To place a pre-order from the new Oris Diver 65 collection, or if you have any questions about the new models, visit our new Oris Pre-Order Central page, or email us at [email protected] to get started. If you don't see your desired watch in the Pre-Order Central, don't worry, just call the shop at 888-730-2221, and we'll be happy to assist you. For the latest in the rest of Topper's show coverage, head over to our Baselworld 2018 page, which we'll be updating following every brand meeting.


----------



## bstadt6

Love the bronze and 40mm. Can’t wait to see one of these in person!


----------



## Reyken

Awesome,thanks a ton for the live pics-especially for the 36mm! 
One question- on the Oris website it says the lug width on the 36mm is 17mm..did it feel a pinch too thin?
I love smaller watches and as you write - the 65 wears quite large for its diameter, so the 36mm might be spot on..but the strap thickness worries me a little bit ..Oris usually tapers quite a bit, what was your impression? Thanks again


----------



## Big Vern

I have the Movember edition that I bought a couple of months ago. It’s 40mm and I really really like it, my favourite at the moment.


----------



## robattopper

Reyken said:


> Awesome,thanks a ton for the live pics-especially for the 36mm!
> One question- on the Oris website it says the lug width on the 36mm is 17mm..did it feel a pinch too thin?
> I love smaller watches and as you write - the 65 wears quite large for its diameter, so the 36mm might be spot on..but the strap thickness worries me a little bit ..Oris usually tapers quite a bit, what was your impression? Thanks again


Great question! Interestingly enough, the taper felt more dramatic on the rubber strap, which has an extreme taper, whereas it felt a little more stable on the leather and bracelet options.


----------



## Reyken

Thanks a lot!! Ah, I wish I was at Baselworld


----------



## Cybotron

Not bad but kinda disappointed in Oris this year. Every new model was just a minor tweak or different dial color. Oh well. Nothing really new. 

Sent from my SM-G935V using Tapatalk


----------



## Watcher1988

Wow did i just read the 36m has a 17 mm lug width???


----------



## Reyken

Yep, that is what is says on the Oris website..I ordered the 36mm version today anyway  ..


----------



## CeeCab705

Watcher1988 said:


> Wow did i just read the 36m has a 17 mm lug width???
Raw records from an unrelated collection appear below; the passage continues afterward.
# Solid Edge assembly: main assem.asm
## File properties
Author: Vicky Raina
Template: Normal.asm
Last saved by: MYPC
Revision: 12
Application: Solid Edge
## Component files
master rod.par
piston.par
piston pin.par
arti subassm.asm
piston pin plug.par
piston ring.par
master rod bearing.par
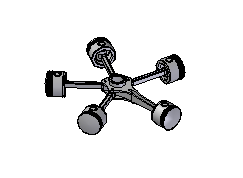
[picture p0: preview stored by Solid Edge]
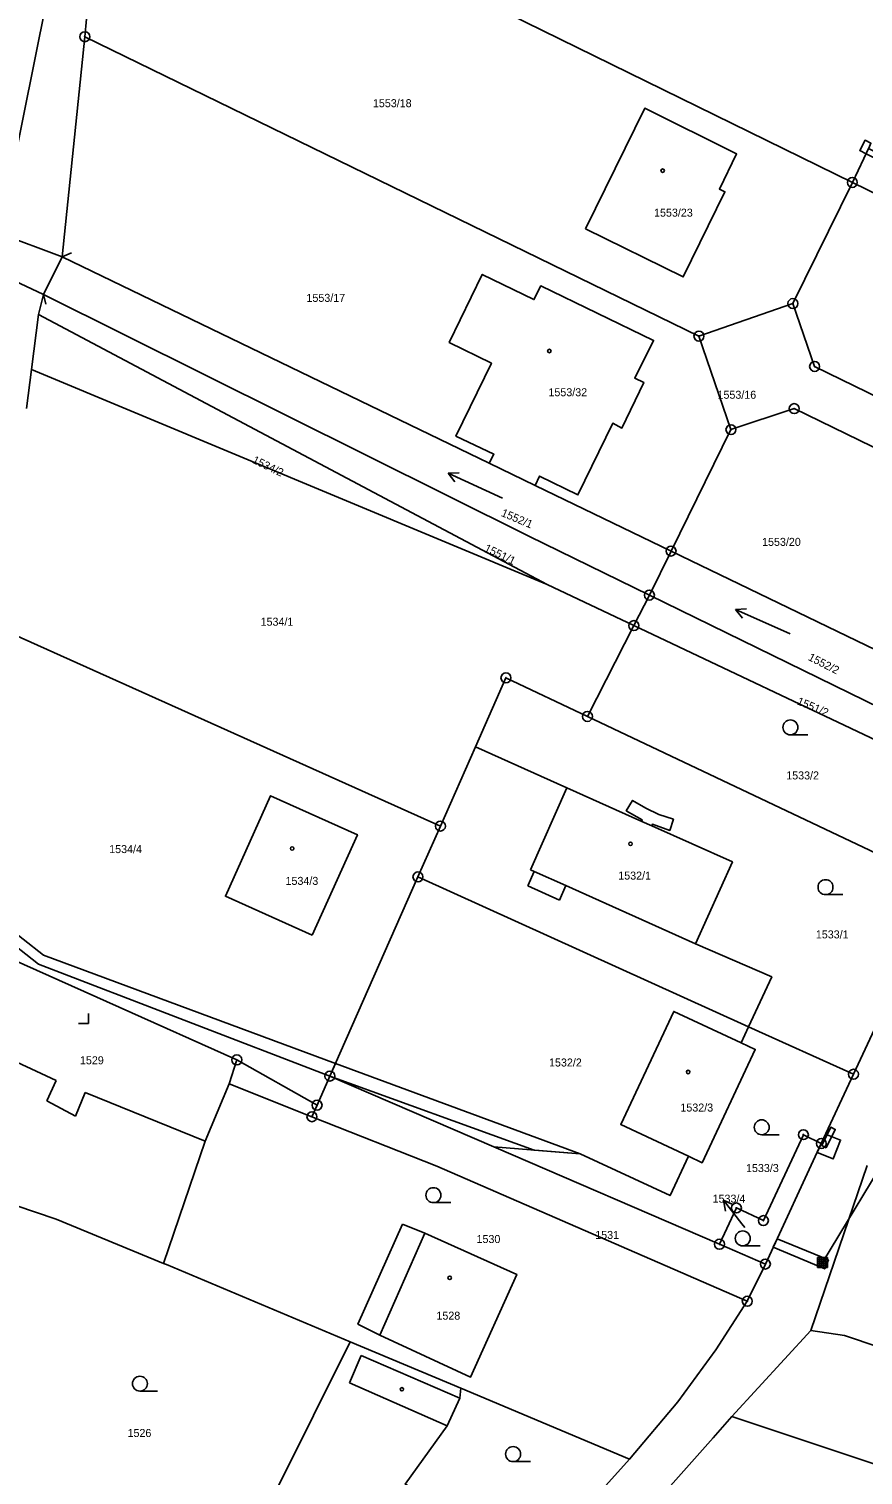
# Model space of a CAD drawing. Extents: x -587171 to -555306, y -1167727 to -1074732.
# Drawn here: x -559814.4 to -559730.7, y -1075878.4 to -1075733.4 of the extents above; entities that cross this region are included whole.
import ezdxf

# ---------------------------------------------------------------- set-up
doc = ezdxf.new("R2010")
doc.units = 0
for name, color, linetype in [('Hranice parcel', 7, 'Continuous'), ('Parcelní čísla', 7, 'Continuous'), ('Pop  PČ popisy', 7, 'Continuous'), ('Poz předměty', 7, 'Continuous'), ('Vnitřní kresba', 7, 'Continuous'), ('Věcná břemena k části', 7, 'Continuous'), ('Značky bodu BP', 7, 'Continuous'), ('Značky budov', 7, 'Continuous'), ('Značky kultur', 7, 'Continuous')]:
    doc.layers.add(name, color=color, linetype=linetype)

msp = doc.modelspace()

# ---------------------------------------------------------------- linework, layer by layer
at = {"layer": 'Hranice parcel'}
for p, q in [((-559731.8, -1075748.76), (-559796.1, -1075717.18)), ((-559811.02, -1075756.21), (-559808.75, -1075734.14)), ((-559747.18, -1075764.18), (-559808.75, -1075734.14)), ((-559730.08, -1075745.15), (-559731.8, -1075748.76)), ((-559737.76, -1075760.91), (-559731.8, -1075748.76)), ((-559692.3, -1075768.16), (-559731.8, -1075748.76)), ((-559812.91, -1075760), (-559811.02, -1075756.21)), ((-559811.02, -1075756.21), (-559768.2, -1075776.93)), ((-559813.39, -1075762.02), (-559812.91, -1075760)), ((-559737.76, -1075760.91), (-559747.18, -1075764.18)), ((-559814.1, -1075767.51), (-559813.39, -1075762.02)), ((-559813.39, -1075762.02), (-559762.4, -1075789.09)), ((-559747.18, -1075764.18), (-559743.97, -1075773.56)), ((-559814.61, -1075771.43), (-559814.1, -1075767.51)), ((-559762.4, -1075789.09), (-559814.1, -1075767.51)), ((-559749.98, -1075785.74), (-559743.97, -1075773.56)), ((-559763.6, -1075779.15), (-559768.2, -1075776.93)), ((-559763.6, -1075779.15), (-559749.98, -1075785.74)), ((-559752.15, -1075790.16), (-559749.98, -1075785.74)), ((-559749.98, -1075785.74), (-559714.26, -1075803.02)), ((-559762.4, -1075789.09), (-559753.71, -1075793.22)), ((-559753.71, -1075793.22), (-559752.15, -1075790.16)), ((-559717.12, -1075807.32), (-559752.15, -1075790.16)), ((-559773.1, -1075813.33), (-559815.81, -1075794.14)), ((-559753.71, -1075793.22), (-559758.36, -1075802.33)), ((-559753.71, -1075793.22), (-559718.54, -1075809.9)), ((-559722.85, -1075819.18), (-559758.36, -1075802.33)), ((-559769.59, -1075805.38), (-559773.1, -1075813.33)), ((-559775.35, -1075818.43), (-559773.1, -1075813.33)), ((-559784.18, -1075838.41), (-559775.35, -1075818.43)), ((-559775.35, -1075818.43), (-559742.2, -1075833.46)), ((-559722.85, -1075819.18), (-559731.69, -1075838.23)), ((-559742.95, -1075835.07), (-559742.2, -1075833.46)), ((-559742.2, -1075833.46), (-559731.69, -1075838.23)), ((-559785.98, -1075842.49), (-559794.29, -1075839.2)), ((-559767.73, -1075845.51), (-559784.18, -1075838.41)), ((-559731.69, -1075838.23), (-559734.91, -1075845.17)), ((-559745.12, -1075855.28), (-559767.73, -1075845.51)), ((-559734.91, -1075845.17), (-559740.52, -1075857.27)), ((-559735.95, -1075863.92), (-559730.31, -1075847.37)), ((-559740.52, -1075857.27), (-559745.12, -1075855.28)), ((-559740.52, -1075857.27), (-559742.33, -1075861)), ((-559743.87, -1075872.57), (-559735.95, -1075863.92)), ((-559771.04, -1075869.73), (-559782.14, -1075865.06)), ((-559771.04, -1075869.73), (-559754.13, -1075876.85))]:
    msp.add_line(p, q, dxfattribs=at)
for points in [[(-559808.75, -1075734.14), (-559808.57, -1075732.35), (-559796.1, -1075717.18)], [(-559812.62, -1075730.76), (-559817.32, -1075753.87), (-559818.88, -1075757.17), (-559822.15, -1075761.67)], [(-559758.56, -1075753.42), (-559752.61, -1075741.32), (-559743.41, -1075745.89), (-559745.12, -1075749.43), (-559744.58, -1075749.7), (-559748.75, -1075758.23), (-559758.56, -1075753.42)], [(-559768.2, -1075776.93), (-559767.73, -1075776.03), (-559771.54, -1075774.2), (-559767.99, -1075766.9), (-559772.22, -1075764.81), (-559768.9, -1075757.99), (-559763.72, -1075760.51), (-559763.04, -1075759.14), (-559751.73, -1075764.6), (-559753.61, -1075768.39), (-559752.72, -1075768.82), (-559754.91, -1075773.41), (-559755.83, -1075772.92), (-559759.31, -1075780.1), (-559763.15, -1075778.22), (-559763.6, -1075779.15)], [(-559752.15, -1075790.16), (-559764.23, -1075784.25), (-559812.91, -1075760)], [(-559700.23, -1075780.74), (-559705.08, -1075782.11), (-559735.58, -1075767.22), (-559737.76, -1075760.91)], [(-559743.97, -1075773.56), (-559737.63, -1075771.45), (-559707.59, -1075786.09), (-559706.7, -1075791.01)], [(-559758.36, -1075802.33), (-559766.53, -1075798.46), (-559769.59, -1075805.38)], [(-559769.59, -1075805.38), (-559760.42, -1075809.49), (-559752.91, -1075812.86), (-559752.88, -1075812.71), (-559754.47, -1075811.8), (-559753.84, -1075810.76), (-559752.51, -1075811.55), (-559751.19, -1075812.16), (-559749.74, -1075812.64), (-559750.1, -1075813.77), (-559751.85, -1075813.14), (-559751.91, -1075813.31), (-559743.83, -1075816.93), (-559747.51, -1075825.13), (-559739.88, -1075828.47), (-559742.2, -1075833.46)], [(-559785.96, -1075824.28), (-559781.43, -1075814.2), (-559790.13, -1075810.29), (-559794.65, -1075820.37), (-559785.96, -1075824.28)], [(-559794.29, -1075839.2), (-559793.51, -1075836.79), (-559817.1, -1075826.2)], [(-559748.24, -1075846.45), (-559755.02, -1075843.27), (-559749.7, -1075831.92), (-559742.95, -1075835.07)], [(-559742.95, -1075835.07), (-559741.54, -1075835.73), (-559746.86, -1075847.1), (-559748.24, -1075846.45)], [(-559800.85, -1075857.2), (-559796.69, -1075844.93), (-559794.29, -1075839.2)], [(-559784.18, -1075838.41), (-559785.47, -1075841.33), (-559785.98, -1075842.49)], [(-559742.33, -1075861), (-559773.46, -1075847.44), (-559785.98, -1075842.49)], [(-559745.12, -1075855.28), (-559743.43, -1075851.64), (-559740.72, -1075852.91), (-559736.71, -1075844.29), (-559734.91, -1075845.17)], [(-559767.73, -1075845.51), (-559759.1, -1075846.22), (-559750.07, -1075850.4), (-559748.24, -1075846.45)], [(-559821, -1075850.76), (-559817.67, -1075850.72), (-559811.62, -1075852.78), (-559800.85, -1075857.2)], [(-559776.9, -1075853.26), (-559781.38, -1075863.29), (-559779.17, -1075864.41), (-559770.08, -1075868.61), (-559765.45, -1075858.31), (-559774.66, -1075854.18), (-559776.9, -1075853.26)], [(-559800.85, -1075857.2), (-559800.57, -1075857.31), (-559782.14, -1075865.06)], [(-559742.33, -1075861), (-559745.48, -1075865.87), (-559749.31, -1075871.1), (-559754.13, -1075876.85)], [(-559735.95, -1075863.92), (-559732.58, -1075864.43), (-559707.97, -1075872.72), (-559694.43, -1075877.61)], [(-559782.14, -1075865.06), (-559793.14, -1075887.17), (-559787.95, -1075890.13), (-559783.64, -1075892.41), (-559785.07, -1075895.16), (-559777.29, -1075899.22)], [(-559777.29, -1075899.22), (-559774.71, -1075894.36), (-559773.08, -1075895.27), (-559772.14, -1075894.77), (-559771.44, -1075893.27), (-559771.43, -1075892.12), (-559773.03, -1075891.2), (-559770.46, -1075886.37), (-559773.26, -1075884.9), (-559771.75, -1075881.96), (-559776.65, -1075879.35), (-559772.43, -1075873.5), (-559771.15, -1075870.71), (-559771.04, -1075869.73)], [(-559759.39, -1075890.96), (-559756.96, -1075887.31), (-559745.77, -1075874.71), (-559743.87, -1075872.57)], [(-559718.92, -1075880.89), (-559742.59, -1075873), (-559743.87, -1075872.57)], [(-559754.13, -1075876.85), (-559760.1, -1075883.46), (-559765.88, -1075889.07), (-559774.97, -1075900.54), (-559781.59, -1075907.31)]]:
    msp.add_lwpolyline(points, dxfattribs=at)
at = {"layer": 'Pop  PČ popisy'}
for p, q in [((-559742.88, -1075853.22), (-559744.73, -1075850.85)), ((-559744.73, -1075850.85), (-559743.72, -1075851.34)), ((-559744.73, -1075850.85), (-559744.51, -1075851.95)), ((-559742.59, -1075853.59), (-559742.88, -1075853.22))]:
    msp.add_line(p, q, dxfattribs=at)
at = {"layer": 'Poz předměty'}
for p, q in [((-559713.43, -1075821.67), (-559734.8, -1075857.12)), ((-559735.3, -1075856.62), (-559734.3, -1075856.62)), ((-559735.3, -1075857.62), (-559735.3, -1075856.62)), ((-559735.1, -1075857.62), (-559735.1, -1075856.62)), ((-559734.9, -1075857.62), (-559734.9, -1075856.62)), ((-559734.7, -1075857.62), (-559734.7, -1075856.62)), ((-559734.5, -1075857.62), (-559734.5, -1075856.62)), ((-559734.3, -1075857.62), (-559734.3, -1075856.62)), ((-559735.3, -1075856.82), (-559734.3, -1075856.82)), ((-559735.3, -1075857.02), (-559734.3, -1075857.02)), ((-559735.3, -1075857.22), (-559734.3, -1075857.22)), ((-559735.3, -1075857.42), (-559734.3, -1075857.42)), ((-559735.3, -1075857.62), (-559734.3, -1075857.62))]:
    msp.add_line(p, q, dxfattribs=at)
at = {"layer": 'Vnitřní kresba'}
for p, q in [((-559817.32, -1075753.87), (-559811.02, -1075756.21)), ((-559810.1, -1075755.82), (-559811.02, -1075756.21)), ((-559818.88, -1075757.17), (-559812.91, -1075760)), ((-559812.67, -1075760.97), (-559812.91, -1075760)), ((-559760.42, -1075809.49), (-559764.08, -1075817.71)), ((-559751.91, -1075813.31), (-559752.91, -1075812.86)), ((-559764.34, -1075819.33), (-559763.7, -1075817.88)), ((-559764.08, -1075817.71), (-559763.7, -1075817.88)), ((-559763.7, -1075817.88), (-559760.52, -1075819.3)), ((-559761.17, -1075820.77), (-559764.34, -1075819.33)), ((-559760.52, -1075819.3), (-559761.17, -1075820.77)), ((-559760.52, -1075819.3), (-559747.51, -1075825.13)), ((-559821.3, -1075834.37), (-559811.62, -1075838.87)), ((-559793.51, -1075836.79), (-559785.47, -1075841.33)), ((-559811.62, -1075838.87), (-559812.56, -1075840.9)), ((-559809.69, -1075842.45), (-559808.71, -1075840.05)), ((-559808.71, -1075840.05), (-559796.69, -1075844.93)), ((-559812.56, -1075840.9), (-559809.69, -1075842.45)), ((-559774.66, -1075854.18), (-559779.17, -1075864.41)), ((-559781.04, -1075866.45), (-559782.22, -1075869.19)), ((-559771.15, -1075870.71), (-559781.04, -1075866.45)), ((-559782.22, -1075869.19), (-559772.43, -1075873.5))]:
    msp.add_line(p, q, dxfattribs=at)
at = {"layer": 'Věcná břemena k části'}
for points in [[(-559730.43, -1075745.88), (-559690.65, -1075765.53), (-559690.3, -1075764.99), (-559730.17, -1075745.34), (-559730.08, -1075745.15), (-559729.93, -1075744.83), (-559730.53, -1075744.53), (-559731.05, -1075745.57)], [(-559816.98, -1075823.08), (-559817.03, -1075824.32), (-559813.39, -1075827.17), (-559784.18, -1075838.41), (-559783.62, -1075837.14), (-559812.89, -1075826.29)], [(-559783.62, -1075837.14), (-559784.18, -1075838.41), (-559763.7, -1075845.84), (-559759.1, -1075846.22)], [(-559734.42, -1075845.6), (-559733.52, -1075843.76), (-559733.97, -1075843.54), (-559734.87, -1075845.38)], [(-559734.48, -1075844.24), (-559735.33, -1075846.09), (-559733.73, -1075846.72), (-559732.98, -1075844.83)], [(-559734.18, -1075856.84), (-559739.35, -1075854.74), (-559739.73, -1075855.58), (-559734.57, -1075857.76)]]:
    msp.add_lwpolyline(points, close=True, dxfattribs=at)
at = {"layer": 'Značky bodu BP'}
for centre, radius in [((-559808.75, -1075734.14), 0.5), ((-559808.75, -1075734.14), 0.0303), ((-559731.8, -1075748.76), 0.5), ((-559731.8, -1075748.76), 0.0303), ((-559737.76, -1075760.91), 0.5), ((-559737.76, -1075760.91), 0.0303), ((-559747.18, -1075764.18), 0.5), ((-559747.18, -1075764.18), 0.0303), ((-559735.58, -1075767.22), 0.5), ((-559735.58, -1075767.22), 0.0303), ((-559737.63, -1075771.45), 0.5), ((-559737.63, -1075771.45), 0.0303), ((-559743.97, -1075773.56), 0.5), ((-559743.97, -1075773.56), 0.0303), ((-559749.98, -1075785.74), 0.5), ((-559749.98, -1075785.74), 0.0303), ((-559752.15, -1075790.16), 0.5), ((-559752.15, -1075790.16), 0.0303), ((-559753.71, -1075793.22), 0.5), ((-559753.71, -1075793.22), 0.0303), ((-559766.53, -1075798.46), 0.5), ((-559766.53, -1075798.46), 0.0303), ((-559758.36, -1075802.33), 0.5), ((-559758.36, -1075802.33), 0.0303), ((-559773.1, -1075813.33), 0.5), ((-559773.1, -1075813.33), 0.0303), ((-559775.35, -1075818.43), 0.5), ((-559775.35, -1075818.43), 0.0303), ((-559793.51, -1075836.79), 0.5), ((-559793.51, -1075836.79), 0.0303), ((-559731.69, -1075838.23), 0.5), ((-559784.18, -1075838.41), 0.5), ((-559784.18, -1075838.41), 0.0303), ((-559731.69, -1075838.23), 0.0303), ((-559785.98, -1075842.49), 0.5), ((-559785.47, -1075841.33), 0.5), ((-559785.47, -1075841.33), 0.0303), ((-559785.98, -1075842.49), 0.0303), ((-559736.71, -1075844.29), 0.5), ((-559736.71, -1075844.29), 0.0303), ((-559734.91, -1075845.17), 0.5), ((-559734.91, -1075845.17), 0.0303), ((-559743.43, -1075851.64), 0.5), ((-559743.43, -1075851.64), 0.0303), ((-559740.72, -1075852.91), 0.5), ((-559740.72, -1075852.91), 0.0303), ((-559745.12, -1075855.28), 0.5), ((-559745.12, -1075855.28), 0.0303), ((-559740.52, -1075857.27), 0.5), ((-559740.52, -1075857.27), 0.0303), ((-559742.33, -1075861), 0.5), ((-559742.33, -1075861), 0.0303)]:
    msp.add_circle(centre, radius, dxfattribs=at)
at = {"layer": 'Značky budov'}
for centre in [(-559750.82, -1075747.57), (-559762.18, -1075765.67), (-559787.97, -1075815.58), (-559754.04, -1075815.11), (-559748.26, -1075838), (-559772.17, -1075858.65), (-559776.96, -1075869.83)]:
    msp.add_circle(centre, 0.175, dxfattribs=at)
at = {"layer": 'Značky kultur'}
for p, q in [((-559772.33, -1075777.92), (-559771.23, -1075777.88)), ((-559766.89, -1075780.45), (-559772.33, -1075777.92)), ((-559772.33, -1075777.92), (-559771.66, -1075778.78)), ((-559743.5, -1075791.61), (-559742.41, -1075791.55)), ((-559738.02, -1075794.05), (-559743.5, -1075791.61)), ((-559743.5, -1075791.61), (-559742.81, -1075792.47)), ((-559738.01, -1075804.18), (-559736.26, -1075804.18)), ((-559734.49, -1075820.21), (-559732.74, -1075820.21)), ((-559809.39, -1075833.13), (-559808.39, -1075833.13)), ((-559808.39, -1075833.13), (-559808.39, -1075832.13)), ((-559740.89, -1075844.3), (-559739.14, -1075844.3)), ((-559773.8, -1075851.11), (-559772.05, -1075851.11)), ((-559742.79, -1075855.45), (-559741.04, -1075855.45)), ((-559803.23, -1075870.02), (-559801.48, -1075870.02)), ((-559765.81, -1075877.09), (-559764.06, -1075877.09))]:
    msp.add_line(p, q, dxfattribs=at)
for centre in [(-559738.01, -1075803.43), (-559734.49, -1075819.46), (-559740.89, -1075843.55), (-559773.8, -1075850.36), (-559742.79, -1075854.7), (-559803.23, -1075869.27), (-559765.81, -1075876.34)]:
    msp.add_circle(centre, 0.75, dxfattribs=at)

# ---------------------------------------------------------------- texts
at = {"layer": 'Parcelní čísla'}
for s, p in [('1553/18', (-559779.87, -1075741.21)), ('1553/23', (-559751.68, -1075752.19)), ('1553/17', (-559786.53, -1075760.74)), ('1553/32', (-559762.27, -1075770.21)), ('1553/16', (-559745.32, -1075770.46)), ('1553/20', (-559740.85, -1075785.22)), ('1534/1', (-559791.13, -1075793.23)), ('1533/2', (-559738.43, -1075808.65)), ('1534/4', (-559806.31, -1075816.04)), ('1534/3', (-559788.63, -1075819.23)), ('1532/1', (-559755.27, -1075818.7)), ('1533/1', (-559735.46, -1075824.6)), ('1529', (-559809.24, -1075837.23)), ('1532/2', (-559762.21, -1075837.45)), ('1532/3', (-559749.04, -1075841.97)), ('1533/3', (-559742.46, -1075848.04)), ('1533/4', (-559745.81, -1075851.11)), ('1530', (-559769.48, -1075855.16)), ('1531', (-559757.58, -1075854.75)), ('1528', (-559773.5, -1075862.85)), ('1526', (-559804.47, -1075874.62))]:
    msp.add_text(s, height=0.803, dxfattribs=at).set_placement(p)
for s, rotation, p in [('1534/2', 334, (-559792.03, -1075776.86)), ('1552/1', 337, (-559767.08, -1075782.2)), ('1551/1', 334, (-559768.77, -1075785.71)), ('1552/2', 333, (-559736.3, -1075796.64)), ('1551/2', 337, (-559737.42, -1075801.09))]:
    msp.add_text(s, height=0.803, rotation=rotation, dxfattribs=at).set_placement(p)

doc.saveas('drawing.dxf')

I have a 40mm that I love, but I think is a bit too big. I initially thought this would be perfect, but now I'm a bit turned off by the lug width.


----------



## stevenliu0923

Looks great! The subtle difference in design really sets it apart from the other divers esp. the tudor blackbay in some ways


----------



## thbeck

Hmmmmm. Quite nice all of them. They all have that retro vintage look. I like.


----------



## carlhaluss

Thanks very much Rob. I really love that there is a 36mm size now. And, according to the website it has a solid case back.

I see that the Big Crown Pointer Date is now available in 36mm as well. For some reason, they make it an exhibition crystal case back. I think on such a vintage-like piece, solid case back is far more appropriate.


----------



## Watcher1988

carlhaluss said:


> Thanks very much Rob. I really love that there is a 36mm size now. And, according to the website it has a solid case back.
> 
> I see that the Big Crown Pointer Date is now available in 36mm as well. For some reason, they make it an exhibition crystal case back. I think on such a vintage-like piece, solid case back is far more appropriate.


Agree on the solid case back! But i think the patina on the bronze Pointer will look awesome with the green dial.. I just looked up a few bronze patina pics.
From this:








To this ;P


----------



## Rbelloni1

Why is Oris getting so expensive...?? I could buy a used Omega or Tudor.. come on Oris don’t get greedy, this is why brands like Ginault and Monta are soooo popular 


Sent from my iPhone using Tapatalk


----------



## calpika

Watcher1988 said:


> Agree on the solid case back! But i think the patina on the bronze Pointer will look awesome with the green dial.. I just looked up a few bronze patina pics.
> From this:
> View attachment 13004113
> 
> 
> To this ;P
> View attachment 13004119


Ooh.. If the dial were green I'd love to see a version like this. Nice!

Sent from my SM-N950U using Tapatalk


----------



## o0juny0o

wait, are watches trending back to smaller sizes now??


----------



## 6R15

o0juny0o said:


> wait, are watches trending back to smaller sizes now??


No, they're trending both ways because there are more models than ever to capture and saturate the market. They still make the 42mm 65.

Think of it like BMW today. Used to be only the 3, 5, 7, Z4, X5. Currently, there's 1, 2, 2AT, 3, 3GT, 4, 4GC, 5, 6, 6GC, 6GT, 7, 8, X1, X2, X3, X4, X5, X6, X7, Z4, i3, i8 before considering the different convertible and engine/drivetrain/fuel/wheelbase/M variants.


----------